For millennia, books have served as the medium for preserving ideas. Whether the idea is a mathematical theory, cooking recipe, or family history, books allow us to entrust wisdom to others. I can pick up a copy of Plato’s Republic and hear the ideas that founded Western culture—ideas which are still relevant and discussed globally.

2. Reading is good for the brain. I’m not talking about reading dense philosophy or science books. The very act of reading—even a fun novel—stimulates the functioning of the brain. Research at Emory College has found that reading makes the brain more receptive to language, and increases the connectivity of neurons. These changes last for up to five days after a reader has finished a novel. Reading is an active engagement of the brain to the material on the page.

3. Books give us perspective. By myself, I can’t understand what others have suffered, or what it means to be part of another culture. But I can learn so much with a book. Reading Gone With the Wind helped me understand a period of US history from the losing side. The Secret Life of Bees and To Kill a Mockingbird showed me what it was like to live on the wrong end of racial prejudice. Books take us outside ourselves and teach us to see through the eyes of other people. Hopefully, we can learn to be more understanding and avoid the mistakes of older generations.

4. Books require imagination. One of my rules of life is to never watch a film adaptation before I’ve read its book. Starting with the movie ruins the book for me, because I’m left with the actors’ faces in my mind, instead of using the author’s words to invent my own picture. Books are grand in a way films can never be, because books allow us to imagine. The mind is a wonderful place to wander, and books help us find our way there.

I’m not saying  we should forsake technology in favor of printed material. Other mediums can certainly engage in the same ideas as books. For example, the movie Dead Poets Society has helped me think through the narrow-mindedness of certain social expectations, just as reading Jane Austen’s Pride and Prejudice did. Video games teach problem-solving and strategy skills; blogs provide immediate interaction with ideas. These mediums are valuable in their own right.

But for me, there is nothing better than printed words on a solid page. Books are worth reading.

Our Plesant Evils: On Shirley Jackson’s “The Possibility of Evil”
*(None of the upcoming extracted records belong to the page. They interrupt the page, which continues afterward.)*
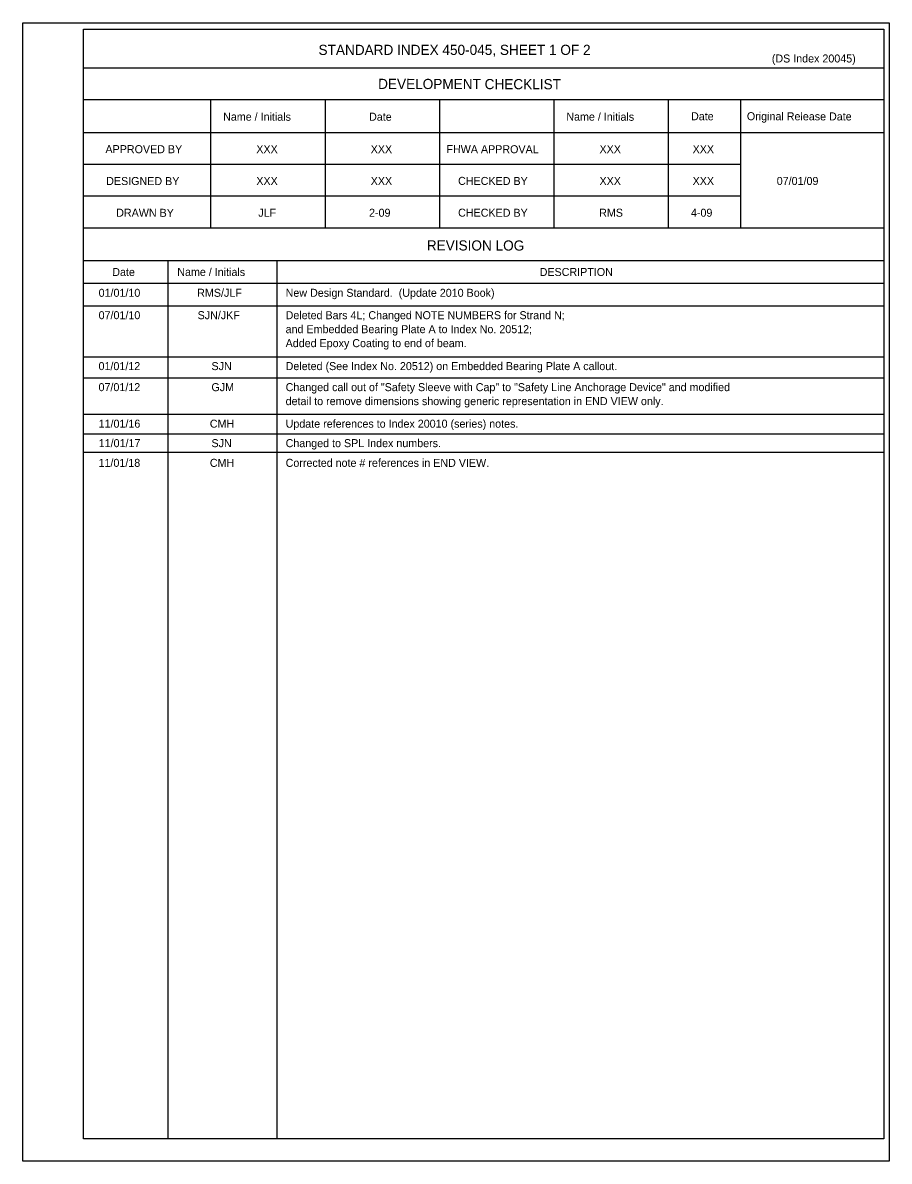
# Model space of a CAD drawing. Extents: x -21.7 to 40.7, y -0.2 to 17.4.
# Drawn here: x 29.79 to 40.7, y 2.25 to 16.59 of the extents above; entities that cross this region are included whole.
import ezdxf

# ---------------------------------------------------------------- set-up
doc = ezdxf.new("R2010")
doc.units = 0
for name, color, linetype in [('AdhocPoint_dp', 7, 'Continuous'), ('Border', 7, 'Continuous'), ('PlotBorder_dp', 7, 'Continuous'), ('TextStructures', 7, 'Continuous')]:
    doc.layers.add(name, color=color, linetype=linetype)

msp = doc.modelspace()

# ---------------------------------------------------------------- linework, layer by layer
at = {"layer": 'AdhocPoint_dp'}
for p, q in [((30.559, 13.024), (40.633, 13.024)), ((30.559, 12.383), (40.633, 12.383)), ((30.559, 12.118), (40.633, 12.118)), ((30.559, 11.658), (40.633, 11.658)), ((30.559, 11.413), (40.633, 11.413)), ((30.559, 11.18), (40.633, 11.18))]:
    msp.add_line(p, q, dxfattribs=at)
at = {"layer": 'Border'}
for p, q in [((40.633, 16.015), (30.559, 16.015)), ((40.633, 15.615), (30.559, 15.615)), ((32.159, 15.615), (32.159, 14.002)), ((33.599, 15.615), (33.599, 14.002)), ((35.039, 15.615), (35.039, 14.002)), ((36.479, 15.615), (36.479, 14.002)), ((37.919, 15.615), (37.919, 14.002)), ((38.827, 15.615), (38.827, 14.002)), ((40.633, 15.202), (30.559, 15.202)), ((38.827, 14.802), (30.559, 14.802)), ((38.827, 14.402), (30.559, 14.402)), ((40.633, 14.002), (30.559, 14.002)), ((40.633, 13.588), (30.559, 13.588)), ((31.62, 13.588), (31.62, 2.534)), ((32.991, 13.588), (32.991, 2.534)), ((40.633, 13.306), (30.559, 13.306))]:
    msp.add_line(p, q, dxfattribs=at)
msp.add_lwpolyline([(30.56, 16.506), (40.633, 16.506), (40.633, 2.534), (30.56, 2.534)], close=True, dxfattribs=at)
at = {"layer": 'PlotBorder_dp'}
msp.add_line((29.794, 2.254), (29.794, 2.254), dxfattribs=at)
msp.add_lwpolyline([(29.794, 16.587), (40.701, 16.587), (40.701, 2.254), (29.794, 2.254)], close=True, dxfattribs=at)

# ---------------------------------------------------------------- texts
at = {"layer": 'TextStructures'}
for s, height, p in [('STANDARD INDEX 450-045, SHEET 1 OF 2', 0.128, (33.517, 16.182)), ('(DS Index 20045)', 0.1008, (39.223, 16.087)), ('XXX', 0.1008, (32.734, 14.945)), ('XXX', 0.1008, (34.174, 14.945)), ('XXX', 0.1008, (37.054, 14.945)), ('XXX', 0.1008, (38.226, 14.945)), ('XXX', 0.1008, (32.734, 14.545)), ('XXX', 0.1008, (34.174, 14.545)), ('XXX', 0.1008, (37.054, 14.545)), ('XXX', 0.1008, (38.226, 14.545)), ('07/01/09', 0.1008, (39.285, 14.545)), ('JLF', 0.1008, (32.759, 14.145)), ('2-09', 0.1008, (34.153, 14.145)), ('RMS', 0.1008, (37.05, 14.145)), ('4-09', 0.1008, (38.205, 14.145)), ('DESCRIPTION', 0.1008, (36.301, 13.399)), ('01/01/10', 0.1008, (30.749, 13.137)), ('RMS/JLF', 0.1008, (31.99, 13.137)), ('New Design Standard.  (Update 2010 Book)', 0.1008, (33.103, 13.137)), ('07/01/10', 0.1008, (30.749, 12.855)), ('SJN/JKF', 0.1008, (31.995, 12.855)), ('Deleted Bars 4L; Changed NOTE NUMBERS for Strand N;', 0.1008, (33.103, 12.855)), ('and Embedded Bearing Plate A to Index No. 20512;', 0.1008, (33.103, 12.679)), ('Added Epoxy Coating to end of beam.', 0.1008, (33.103, 12.503)), ('01/01/12', 0.1008, (30.748, 12.214)), ('SJN', 0.1008, (32.17, 12.214)), ('Deleted (See Index No. 20512) on Embedded Bearing Plate A callout.', 0.1008, (33.103, 12.214)), ('07/01/12', 0.1008, (30.748, 11.949)), ('GJM', 0.1008, (32.169, 11.949)), ('Changed call out of "Safety Sleeve with Cap" to "Safety Line Anchorage Device" and modified', 0.1008, (33.103, 11.949)), ('detail to remove dimensions showing generic representation in END VIEW only.', 0.1008, (33.103, 11.773)), ('11/01/16', 0.1008, (30.749, 11.489)), ('CMH', 0.1008, (32.149, 11.489)), ('Update references to Index 20010 (series) notes.', 0.1008, (33.103, 11.489)), ('11/01/17', 0.1008, (30.75, 11.244)), ('SJN', 0.1008, (32.17, 11.244)), ('Changed to SPL Index numbers.', 0.1008, (33.103, 11.244)), ('11/01/18', 0.1008, (30.748, 10.996)), ('CMH', 0.1008, (32.149, 10.996)), ('Corrected note # references in END VIEW.', 0.1008, (33.103, 10.996))]:
    msp.add_text(s, height=height, dxfattribs=at).set_placement(p)
for s, height, p in [('DEVELOPMENT CHECKLIST', 0.128, (34.267, 15.754)), ('Name / Initials', 0.1008, (32.316, 15.355)), ('Date', 0.1008, (34.153, 15.354)), ('Name / Initials', 0.1008, (36.636, 15.355)), ('Date', 0.1008, (38.206, 15.36)), ('Original Release Date', 0.1008, (38.909, 15.36)), ('APPROVED BY', 0.1008, (30.835, 14.946)), ('FHWA APPROVAL', 0.1008, (35.127, 14.946)), ('DESIGNED BY', 0.1008, (30.844, 14.545)), ('CHECKED BY', 0.1008, (35.274, 14.546)), ('DRAWN BY', 0.1008, (30.97, 14.145)), ('CHECKED BY', 0.1008, (35.274, 14.146)), ('REVISION LOG', 0.128, (34.88, 13.721)), ('Date', 0.1008, (30.921, 13.399)), ('Name / Initials', 0.1008, (31.739, 13.4))]:
    msp.add_text(s, height=height, rotation=359.8756, dxfattribs=at).set_placement(p)

doc.saveas('drawing.dxf')

In his commencement address to the 2005 graduating class at Kenyon college, David Foster Wallace pointed out to students that the most “obvious, important realities” are the most difficult to talk about. They’re the ones in which and by which we live our daily lives. They are the rituals, traditions, pleasantries, and belief systems without which the world as we know it would crumble. Wallace likens the difficulty we face talking about these realities to fish having a conversation about being wet.

Conversations about reality are difficult not because we are out of touch with it, but because we are immersed in it. For example, Wallace says that our “self-centered” interpretation of the world is a reality no one remembers to think about:

…there is no experience you have had that you are not the absolute center of. The world as you experience it is there in front of YOU or behind YOU, to the left or right of YOU, on YOUR TV or YOUR monitor.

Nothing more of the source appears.